======== INPUT FOR THIS TASK

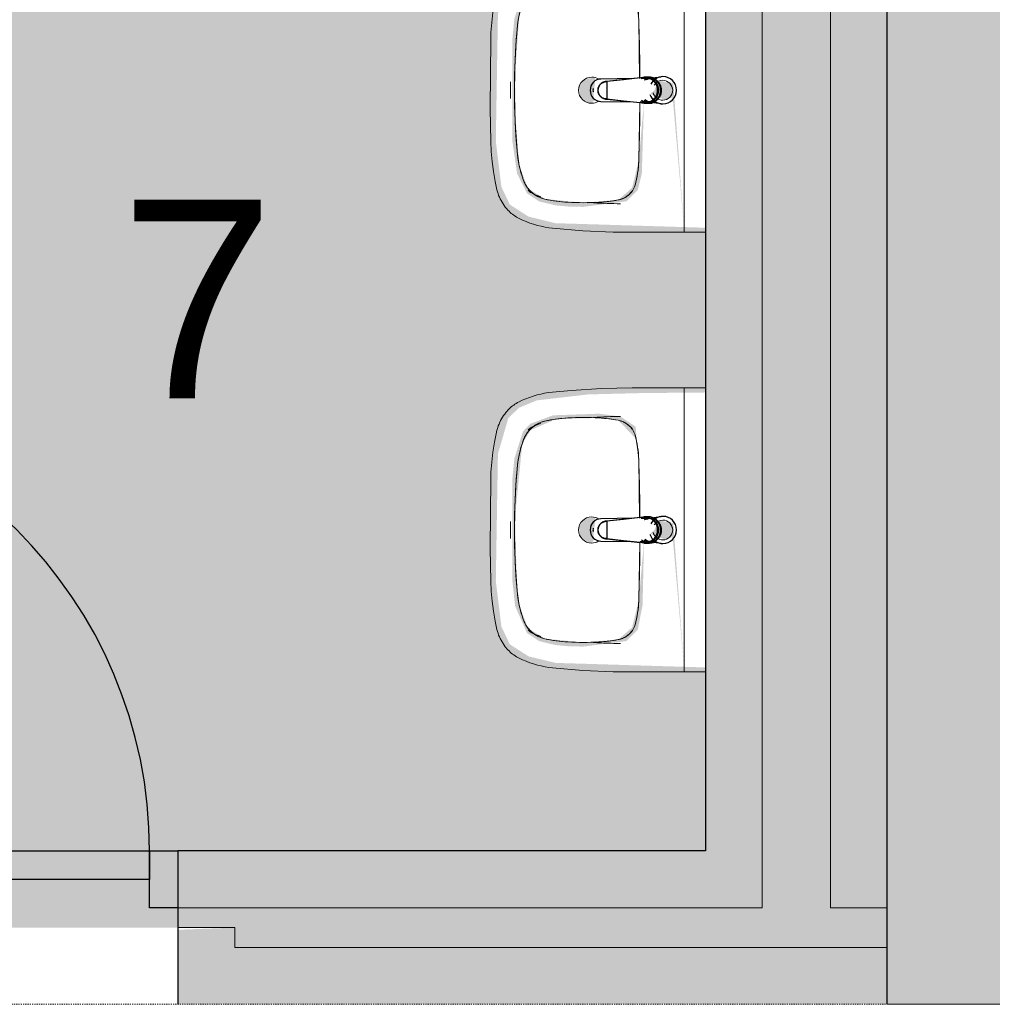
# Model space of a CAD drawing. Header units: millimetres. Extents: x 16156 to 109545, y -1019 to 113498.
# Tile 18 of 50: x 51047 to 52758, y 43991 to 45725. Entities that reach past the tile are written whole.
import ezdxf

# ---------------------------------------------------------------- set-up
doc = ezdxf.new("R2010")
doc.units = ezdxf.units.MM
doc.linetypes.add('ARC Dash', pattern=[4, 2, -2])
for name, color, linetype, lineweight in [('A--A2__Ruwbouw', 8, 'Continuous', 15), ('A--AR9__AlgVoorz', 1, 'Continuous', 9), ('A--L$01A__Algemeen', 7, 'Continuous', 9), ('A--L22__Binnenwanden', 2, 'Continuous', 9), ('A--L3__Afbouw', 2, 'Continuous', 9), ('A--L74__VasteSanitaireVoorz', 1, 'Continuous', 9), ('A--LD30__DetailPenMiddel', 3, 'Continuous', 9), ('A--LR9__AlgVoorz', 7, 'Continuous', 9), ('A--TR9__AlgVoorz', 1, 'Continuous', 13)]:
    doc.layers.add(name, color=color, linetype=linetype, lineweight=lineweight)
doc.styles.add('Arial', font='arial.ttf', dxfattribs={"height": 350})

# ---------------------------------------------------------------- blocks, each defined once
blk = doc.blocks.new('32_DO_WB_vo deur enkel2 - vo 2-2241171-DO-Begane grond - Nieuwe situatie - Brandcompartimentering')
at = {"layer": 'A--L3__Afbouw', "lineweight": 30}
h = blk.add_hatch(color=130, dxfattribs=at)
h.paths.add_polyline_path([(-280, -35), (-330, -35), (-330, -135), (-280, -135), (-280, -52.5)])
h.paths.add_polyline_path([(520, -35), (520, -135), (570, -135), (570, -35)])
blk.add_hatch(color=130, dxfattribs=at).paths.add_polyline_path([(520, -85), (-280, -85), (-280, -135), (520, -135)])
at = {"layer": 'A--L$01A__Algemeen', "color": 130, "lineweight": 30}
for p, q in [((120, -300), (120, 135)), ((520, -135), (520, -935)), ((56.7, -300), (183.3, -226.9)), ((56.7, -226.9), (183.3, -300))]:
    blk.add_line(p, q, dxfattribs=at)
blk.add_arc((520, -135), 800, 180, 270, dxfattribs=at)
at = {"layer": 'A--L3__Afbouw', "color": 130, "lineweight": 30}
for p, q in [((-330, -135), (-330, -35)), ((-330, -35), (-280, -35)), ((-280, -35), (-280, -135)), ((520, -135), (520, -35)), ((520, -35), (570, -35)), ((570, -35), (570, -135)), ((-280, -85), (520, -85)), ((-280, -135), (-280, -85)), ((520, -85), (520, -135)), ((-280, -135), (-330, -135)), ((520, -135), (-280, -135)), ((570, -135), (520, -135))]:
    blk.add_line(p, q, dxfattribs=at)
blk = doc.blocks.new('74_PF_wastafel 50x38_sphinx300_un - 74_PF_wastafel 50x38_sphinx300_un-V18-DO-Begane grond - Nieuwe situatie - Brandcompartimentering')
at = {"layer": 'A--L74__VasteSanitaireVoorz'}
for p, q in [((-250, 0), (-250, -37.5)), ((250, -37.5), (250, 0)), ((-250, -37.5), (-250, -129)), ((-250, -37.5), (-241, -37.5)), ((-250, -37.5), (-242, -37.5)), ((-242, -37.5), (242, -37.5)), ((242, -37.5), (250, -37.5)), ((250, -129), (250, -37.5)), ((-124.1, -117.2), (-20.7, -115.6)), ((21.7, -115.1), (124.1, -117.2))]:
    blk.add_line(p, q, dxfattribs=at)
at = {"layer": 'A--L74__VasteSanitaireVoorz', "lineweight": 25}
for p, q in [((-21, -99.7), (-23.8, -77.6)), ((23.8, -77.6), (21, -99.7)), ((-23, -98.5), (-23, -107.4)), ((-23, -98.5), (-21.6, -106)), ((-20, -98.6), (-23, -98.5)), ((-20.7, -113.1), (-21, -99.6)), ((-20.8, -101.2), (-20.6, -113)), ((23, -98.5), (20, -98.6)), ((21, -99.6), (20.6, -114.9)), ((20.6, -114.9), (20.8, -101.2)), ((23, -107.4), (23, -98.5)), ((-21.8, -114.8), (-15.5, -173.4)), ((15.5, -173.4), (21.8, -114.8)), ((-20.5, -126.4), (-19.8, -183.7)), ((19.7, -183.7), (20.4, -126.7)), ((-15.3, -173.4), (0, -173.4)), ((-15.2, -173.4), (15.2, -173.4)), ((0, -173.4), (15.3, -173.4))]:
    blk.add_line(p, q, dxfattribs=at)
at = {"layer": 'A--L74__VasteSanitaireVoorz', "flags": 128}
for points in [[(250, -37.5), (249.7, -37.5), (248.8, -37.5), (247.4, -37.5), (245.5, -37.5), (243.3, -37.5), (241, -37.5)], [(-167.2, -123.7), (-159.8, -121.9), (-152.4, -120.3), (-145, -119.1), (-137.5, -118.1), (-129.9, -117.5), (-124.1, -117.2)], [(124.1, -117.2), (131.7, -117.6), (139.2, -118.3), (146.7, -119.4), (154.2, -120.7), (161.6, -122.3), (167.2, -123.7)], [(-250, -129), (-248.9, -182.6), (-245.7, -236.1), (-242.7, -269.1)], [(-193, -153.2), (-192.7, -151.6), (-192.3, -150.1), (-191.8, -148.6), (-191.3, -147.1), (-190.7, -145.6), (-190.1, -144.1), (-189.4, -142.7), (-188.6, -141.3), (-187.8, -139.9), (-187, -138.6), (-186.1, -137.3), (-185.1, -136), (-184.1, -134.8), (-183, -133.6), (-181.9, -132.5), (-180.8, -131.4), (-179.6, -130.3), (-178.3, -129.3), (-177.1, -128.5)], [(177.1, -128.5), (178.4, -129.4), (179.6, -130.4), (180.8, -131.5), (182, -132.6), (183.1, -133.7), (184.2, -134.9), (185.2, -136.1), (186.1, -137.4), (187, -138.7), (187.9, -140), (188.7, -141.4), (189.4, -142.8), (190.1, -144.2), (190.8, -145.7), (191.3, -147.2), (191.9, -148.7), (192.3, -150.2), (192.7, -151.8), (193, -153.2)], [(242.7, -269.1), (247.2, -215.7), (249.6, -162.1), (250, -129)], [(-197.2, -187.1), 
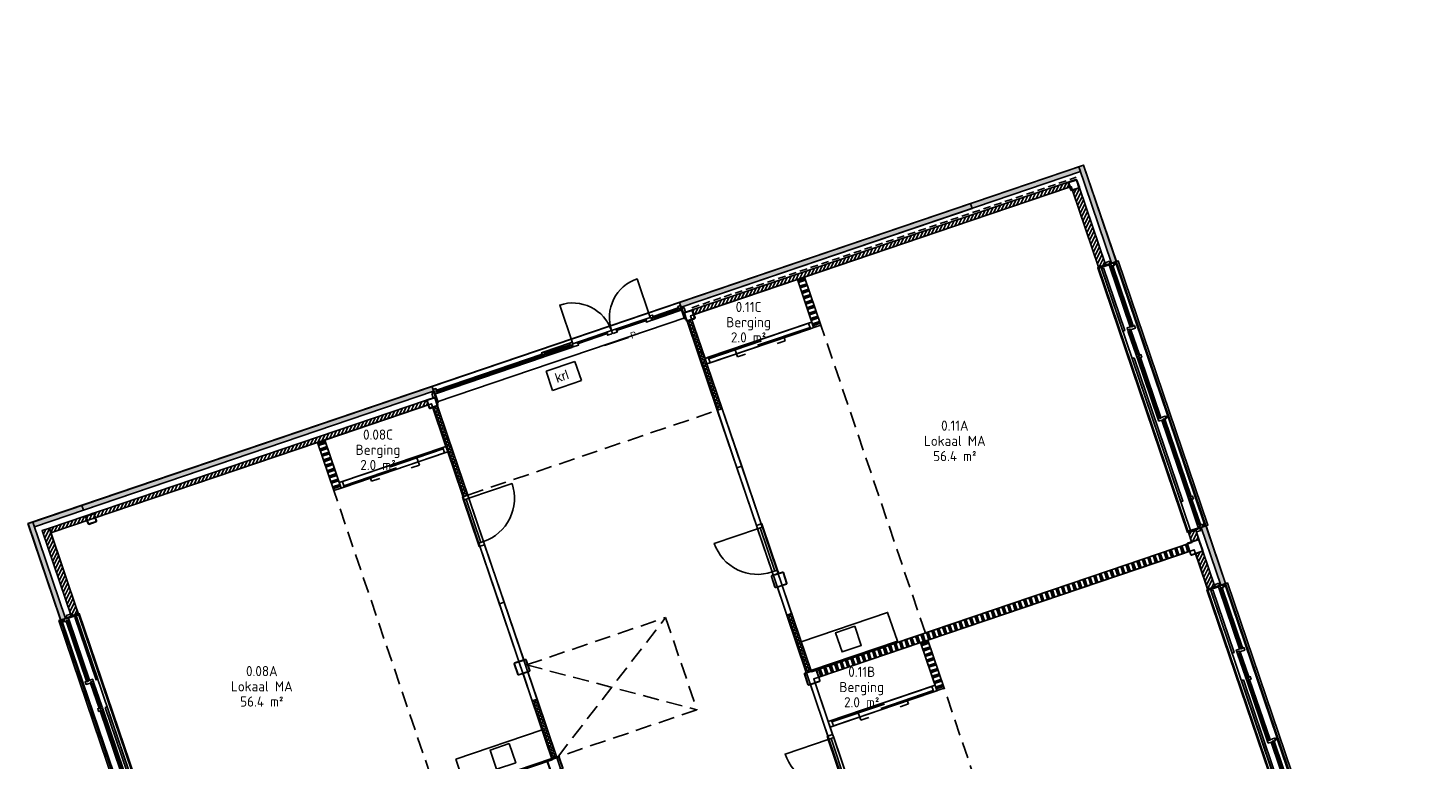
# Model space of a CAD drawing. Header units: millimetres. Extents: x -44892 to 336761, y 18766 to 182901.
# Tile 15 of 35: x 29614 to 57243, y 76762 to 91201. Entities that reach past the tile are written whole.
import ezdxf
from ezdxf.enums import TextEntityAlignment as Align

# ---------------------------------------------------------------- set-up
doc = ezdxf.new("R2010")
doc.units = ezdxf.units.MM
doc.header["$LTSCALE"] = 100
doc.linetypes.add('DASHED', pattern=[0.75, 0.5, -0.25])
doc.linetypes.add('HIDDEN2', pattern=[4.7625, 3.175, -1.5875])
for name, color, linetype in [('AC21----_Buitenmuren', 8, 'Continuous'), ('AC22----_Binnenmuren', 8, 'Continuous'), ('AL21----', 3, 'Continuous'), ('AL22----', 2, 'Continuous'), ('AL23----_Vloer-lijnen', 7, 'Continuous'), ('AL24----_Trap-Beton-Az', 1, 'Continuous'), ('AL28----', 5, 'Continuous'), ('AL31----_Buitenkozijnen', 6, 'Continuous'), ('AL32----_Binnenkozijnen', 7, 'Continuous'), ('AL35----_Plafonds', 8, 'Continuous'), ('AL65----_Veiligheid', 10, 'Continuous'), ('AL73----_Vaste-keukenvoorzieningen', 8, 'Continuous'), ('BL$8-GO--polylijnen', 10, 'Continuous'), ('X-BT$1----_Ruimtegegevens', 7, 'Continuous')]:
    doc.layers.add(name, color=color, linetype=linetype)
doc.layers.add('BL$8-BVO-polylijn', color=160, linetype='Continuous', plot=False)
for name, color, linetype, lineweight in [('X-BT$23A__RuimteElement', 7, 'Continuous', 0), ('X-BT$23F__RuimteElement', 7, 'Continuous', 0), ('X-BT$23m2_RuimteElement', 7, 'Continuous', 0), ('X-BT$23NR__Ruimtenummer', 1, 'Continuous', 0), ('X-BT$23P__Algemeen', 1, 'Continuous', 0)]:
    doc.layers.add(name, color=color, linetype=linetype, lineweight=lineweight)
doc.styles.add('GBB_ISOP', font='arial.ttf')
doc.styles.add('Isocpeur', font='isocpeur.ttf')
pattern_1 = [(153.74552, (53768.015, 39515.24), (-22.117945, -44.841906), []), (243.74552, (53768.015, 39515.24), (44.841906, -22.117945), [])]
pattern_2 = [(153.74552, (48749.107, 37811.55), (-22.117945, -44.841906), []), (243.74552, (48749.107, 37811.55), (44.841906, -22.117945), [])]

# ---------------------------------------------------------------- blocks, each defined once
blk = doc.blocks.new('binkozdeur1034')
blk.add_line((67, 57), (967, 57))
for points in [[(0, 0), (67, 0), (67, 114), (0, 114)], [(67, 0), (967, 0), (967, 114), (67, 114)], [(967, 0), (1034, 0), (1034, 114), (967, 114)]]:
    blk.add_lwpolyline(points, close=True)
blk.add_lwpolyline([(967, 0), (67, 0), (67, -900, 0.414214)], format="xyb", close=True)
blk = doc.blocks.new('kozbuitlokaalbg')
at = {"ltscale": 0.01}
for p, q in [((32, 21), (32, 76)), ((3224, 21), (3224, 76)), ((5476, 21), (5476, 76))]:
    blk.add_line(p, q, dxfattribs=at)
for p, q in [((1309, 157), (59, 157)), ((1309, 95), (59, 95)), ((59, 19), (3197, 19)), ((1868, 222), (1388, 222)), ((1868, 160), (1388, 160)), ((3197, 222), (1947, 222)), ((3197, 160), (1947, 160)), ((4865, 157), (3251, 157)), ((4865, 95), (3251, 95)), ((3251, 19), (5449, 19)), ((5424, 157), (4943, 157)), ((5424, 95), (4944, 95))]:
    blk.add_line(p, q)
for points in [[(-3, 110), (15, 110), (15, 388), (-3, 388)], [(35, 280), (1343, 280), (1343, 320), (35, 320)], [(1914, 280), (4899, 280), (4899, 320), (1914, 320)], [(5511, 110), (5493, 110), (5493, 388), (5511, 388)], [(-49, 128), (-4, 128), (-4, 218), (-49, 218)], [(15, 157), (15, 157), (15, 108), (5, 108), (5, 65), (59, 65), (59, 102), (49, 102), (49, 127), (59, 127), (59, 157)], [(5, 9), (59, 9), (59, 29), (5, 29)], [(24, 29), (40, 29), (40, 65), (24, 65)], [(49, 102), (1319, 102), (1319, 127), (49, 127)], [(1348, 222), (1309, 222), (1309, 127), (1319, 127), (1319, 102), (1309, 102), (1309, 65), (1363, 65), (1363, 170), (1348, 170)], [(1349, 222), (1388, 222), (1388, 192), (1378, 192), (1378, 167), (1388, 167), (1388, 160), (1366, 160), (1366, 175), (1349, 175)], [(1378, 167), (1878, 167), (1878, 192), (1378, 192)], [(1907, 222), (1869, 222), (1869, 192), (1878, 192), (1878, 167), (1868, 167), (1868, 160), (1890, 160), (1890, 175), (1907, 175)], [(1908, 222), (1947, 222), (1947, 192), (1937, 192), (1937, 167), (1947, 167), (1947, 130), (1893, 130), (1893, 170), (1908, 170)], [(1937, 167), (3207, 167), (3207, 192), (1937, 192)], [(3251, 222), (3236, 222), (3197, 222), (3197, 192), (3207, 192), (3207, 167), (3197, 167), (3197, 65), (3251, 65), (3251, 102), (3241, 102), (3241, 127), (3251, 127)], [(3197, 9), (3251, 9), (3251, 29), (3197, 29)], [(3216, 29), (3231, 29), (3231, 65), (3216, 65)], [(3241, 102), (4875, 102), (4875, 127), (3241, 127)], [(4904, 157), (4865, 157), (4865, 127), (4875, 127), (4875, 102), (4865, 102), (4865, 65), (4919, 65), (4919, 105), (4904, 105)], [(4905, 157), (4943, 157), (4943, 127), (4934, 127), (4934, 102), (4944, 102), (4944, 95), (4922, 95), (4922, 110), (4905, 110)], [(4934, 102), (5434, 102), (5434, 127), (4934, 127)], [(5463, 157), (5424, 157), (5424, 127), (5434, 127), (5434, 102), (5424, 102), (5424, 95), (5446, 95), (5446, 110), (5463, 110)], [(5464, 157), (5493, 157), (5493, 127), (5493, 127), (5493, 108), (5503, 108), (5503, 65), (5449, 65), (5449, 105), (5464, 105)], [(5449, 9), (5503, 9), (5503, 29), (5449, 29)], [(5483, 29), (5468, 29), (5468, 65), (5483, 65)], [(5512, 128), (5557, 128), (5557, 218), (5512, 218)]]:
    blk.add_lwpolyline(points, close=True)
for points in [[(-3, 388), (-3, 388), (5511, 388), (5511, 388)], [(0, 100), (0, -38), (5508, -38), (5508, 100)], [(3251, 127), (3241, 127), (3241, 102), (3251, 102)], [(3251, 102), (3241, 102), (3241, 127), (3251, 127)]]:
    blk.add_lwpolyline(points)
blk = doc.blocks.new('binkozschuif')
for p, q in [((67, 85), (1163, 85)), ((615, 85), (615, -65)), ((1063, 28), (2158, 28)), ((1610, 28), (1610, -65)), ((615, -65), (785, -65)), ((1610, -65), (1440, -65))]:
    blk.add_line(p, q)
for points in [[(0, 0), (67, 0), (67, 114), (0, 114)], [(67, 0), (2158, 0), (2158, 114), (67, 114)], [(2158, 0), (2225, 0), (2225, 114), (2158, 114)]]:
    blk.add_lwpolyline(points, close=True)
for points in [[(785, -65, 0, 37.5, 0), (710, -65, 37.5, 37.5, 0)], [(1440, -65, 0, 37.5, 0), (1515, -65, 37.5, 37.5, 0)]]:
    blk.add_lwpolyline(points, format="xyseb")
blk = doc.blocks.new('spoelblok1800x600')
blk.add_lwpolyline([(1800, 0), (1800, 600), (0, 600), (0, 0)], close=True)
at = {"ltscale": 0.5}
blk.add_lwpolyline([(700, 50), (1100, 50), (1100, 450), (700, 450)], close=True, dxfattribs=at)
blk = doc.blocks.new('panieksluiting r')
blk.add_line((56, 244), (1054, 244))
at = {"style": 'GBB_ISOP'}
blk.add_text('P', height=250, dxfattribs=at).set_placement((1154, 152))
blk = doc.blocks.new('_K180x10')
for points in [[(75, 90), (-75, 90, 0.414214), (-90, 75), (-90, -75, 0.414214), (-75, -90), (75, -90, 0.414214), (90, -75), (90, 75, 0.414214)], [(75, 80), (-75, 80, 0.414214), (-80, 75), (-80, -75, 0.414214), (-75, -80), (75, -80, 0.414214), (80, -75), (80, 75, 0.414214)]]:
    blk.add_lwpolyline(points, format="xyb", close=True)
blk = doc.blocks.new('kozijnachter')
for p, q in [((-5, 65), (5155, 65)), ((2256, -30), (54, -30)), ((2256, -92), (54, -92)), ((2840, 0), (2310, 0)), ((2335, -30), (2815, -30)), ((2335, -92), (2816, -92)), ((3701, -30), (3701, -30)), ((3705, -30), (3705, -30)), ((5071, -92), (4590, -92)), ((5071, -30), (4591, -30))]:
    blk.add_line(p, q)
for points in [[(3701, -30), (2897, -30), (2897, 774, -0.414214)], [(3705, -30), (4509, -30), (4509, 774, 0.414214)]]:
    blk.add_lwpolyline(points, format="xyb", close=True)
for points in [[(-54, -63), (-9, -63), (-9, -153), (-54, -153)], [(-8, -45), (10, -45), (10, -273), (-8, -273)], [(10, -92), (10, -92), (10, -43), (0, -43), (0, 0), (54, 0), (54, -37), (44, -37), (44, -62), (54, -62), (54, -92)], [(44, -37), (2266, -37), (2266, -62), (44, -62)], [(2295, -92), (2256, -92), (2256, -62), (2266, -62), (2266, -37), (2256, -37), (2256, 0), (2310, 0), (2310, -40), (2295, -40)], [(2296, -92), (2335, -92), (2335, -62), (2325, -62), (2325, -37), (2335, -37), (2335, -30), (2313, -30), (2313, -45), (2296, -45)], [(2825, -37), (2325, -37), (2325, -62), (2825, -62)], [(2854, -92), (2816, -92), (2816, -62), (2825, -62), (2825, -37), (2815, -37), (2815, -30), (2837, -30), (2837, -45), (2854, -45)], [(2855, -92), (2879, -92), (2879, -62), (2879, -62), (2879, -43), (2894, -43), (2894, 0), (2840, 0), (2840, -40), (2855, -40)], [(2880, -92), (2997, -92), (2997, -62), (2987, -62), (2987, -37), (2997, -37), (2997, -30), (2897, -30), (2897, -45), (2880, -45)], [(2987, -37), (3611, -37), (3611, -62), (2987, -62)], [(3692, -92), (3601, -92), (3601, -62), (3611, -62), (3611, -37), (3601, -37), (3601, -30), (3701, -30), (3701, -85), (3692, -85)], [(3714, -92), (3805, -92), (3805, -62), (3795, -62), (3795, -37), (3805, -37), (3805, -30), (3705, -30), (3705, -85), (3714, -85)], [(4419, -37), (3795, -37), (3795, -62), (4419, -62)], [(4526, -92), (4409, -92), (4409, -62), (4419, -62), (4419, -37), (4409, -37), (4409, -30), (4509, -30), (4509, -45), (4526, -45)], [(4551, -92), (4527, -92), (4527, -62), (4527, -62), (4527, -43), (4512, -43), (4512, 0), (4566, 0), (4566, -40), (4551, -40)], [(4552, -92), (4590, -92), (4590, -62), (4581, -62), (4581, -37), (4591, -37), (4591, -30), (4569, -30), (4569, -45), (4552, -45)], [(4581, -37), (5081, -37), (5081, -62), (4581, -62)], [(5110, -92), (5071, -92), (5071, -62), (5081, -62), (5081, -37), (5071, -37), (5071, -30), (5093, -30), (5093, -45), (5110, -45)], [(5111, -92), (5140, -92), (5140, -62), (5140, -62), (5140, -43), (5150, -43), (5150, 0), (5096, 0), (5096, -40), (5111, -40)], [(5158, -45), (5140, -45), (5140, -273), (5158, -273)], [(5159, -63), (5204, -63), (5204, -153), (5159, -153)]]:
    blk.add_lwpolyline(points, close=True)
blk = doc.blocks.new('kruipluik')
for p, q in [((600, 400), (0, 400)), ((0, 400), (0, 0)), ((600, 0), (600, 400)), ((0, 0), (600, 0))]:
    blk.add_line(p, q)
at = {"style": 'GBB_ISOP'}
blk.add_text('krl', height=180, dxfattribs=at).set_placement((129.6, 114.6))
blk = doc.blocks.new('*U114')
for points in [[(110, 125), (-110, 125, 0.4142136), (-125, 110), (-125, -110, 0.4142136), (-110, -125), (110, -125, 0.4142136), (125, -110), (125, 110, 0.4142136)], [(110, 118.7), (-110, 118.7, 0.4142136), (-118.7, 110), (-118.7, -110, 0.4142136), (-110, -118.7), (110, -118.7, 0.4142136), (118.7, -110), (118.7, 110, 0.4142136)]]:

================

→ **WORK INSTRUCTIONS**
Every line in the listing above that mentions "Brandcompartimentering" should be returned.

→ **RESULT OF THIS TASK**
blk = doc.blocks.new('32_DO_WB_vo deur enkel2 - vo 2-2241171-DO-Begane grond - Nieuwe situatie - Brandcompartimentering')
blk = doc.blocks.new('74_PF_wastafel 50x38_sphinx300_un - 74_PF_wastafel 50x38_sphinx300_un-V18-DO-Begane grond - Nieuwe situatie - Brandcompartimentering')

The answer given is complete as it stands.